A Altivez da Chancelaria Venezuelana vs. a Submissão da Chancelaria Brasileira

Bolsonaro se dobra aos interesses estadunidenses

Por Matheus Mendes

Eventos e ações recentes no teatro global revelam o conteúdo de duas posições antagônicas no âmbito da diplomacia atual. De um lado, encontramos o imperialismo norte-americano, agora adotando uma postura agressiva de confronto com o direito e contra os organismos internacionais. De outro lado, temos a posição adotado pela grande maioria das chancelarias do planeta, a de preservar e fomentar os mecanismos de resolução pacífica dos conflitos internacionais, em clima de cooperação e fortalecimento do sistema do direito internacional.

Essas duas posições antagônicas são também posições antagônicas no espectro geopolítico: enquanto a destruição do sistema do direito internacional é a posição trumpista de extrema-direita, a posição conservadora das relações internacionais acabou tornando-se uma posição multilateralista que possui em seu horizonte um mundo sem uma única grande hegemonia estadunidense dominando os assuntos estrangeiros.
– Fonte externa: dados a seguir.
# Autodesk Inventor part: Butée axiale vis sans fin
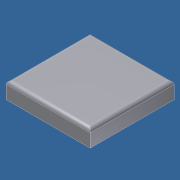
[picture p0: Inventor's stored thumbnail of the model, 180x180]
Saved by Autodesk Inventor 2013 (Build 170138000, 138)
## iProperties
Created: 2011-10
Part Number: Butée axiale vis sans fin
Material: Acier allié
Document SubType Name: Modeling
Designer: Laur
Mass: 0.204179 g
Surface Area: 0.7242 cm^2
Volume: 0.02601 cm^3
Density: 7.85 g/cm^3
Author: Laur
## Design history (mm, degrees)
sketch "Esquisse1"
  geometry: L1 (-2.55, 2.55)-(-2.55, -2.55) reference; L2 (-2.55, -2.55)-(2.55, -2.55) reference; L3 (2.55, -2.55)-(2.55, 2.55) reference; L4 (2.55, 2.55)-(-2.55, 2.55) reference; C1 r 1.98 at (0.022, -0.03) reference
extrude "épaisseur 1 mm" new body sketch "Esquisse1" distance "d0" = 1; taper "d1" = 0 deg
fillet "Congé 0,2" dims "d2" = 0.2
node "Solide1"
node "Corps solides"
node "Corps surfaciques"
node "Référence1"

Para ilustrar esse ponto, podemos tomar como exemplo a atuação de duas chancelarias latino-americanas: a brasileira, de Ernesto Araujo, e a venezuelana, de Jorge Arreaza. 

Ernesto Araujo é conhecido pelos brasileiros como aquilo que é: um reacionário afim às incoerências de Olavo de Carvalho, apologeta do monarquismo e adepto das mais variadas teorias da conspiração, que vão da crença num globalismo mundial (illuminati) que usaria malignamente o argumento do aquecimento global contra o desenvolvimento do comércio internacional, à tese conspiracionista do supremacismo ocidental de que estaria em operação uma grande ofensiva comunista de islamização da Europa por meio da imigração massiva de árabes. No comando do Itamaraty, Ernesto Araujo promove eventos de cunho monarquista e anti-comunista. De fato, divulgar um tipo de pseudociência e anti-intelectualismo, promovendo pessoas desqualificadas e sem credenciais científicas, como youtubers e membros da família real, à pessoas dignas de palestras sobre assuntos relevantes às Relações Internacionais, tem sido um dos destaques da atual gestão do 4chanceler, como o Ernesto Araujo é chamado, em jogo de palavras que inclui o fórum de internet onde se reúne a alt-right e o cargo que ocupa.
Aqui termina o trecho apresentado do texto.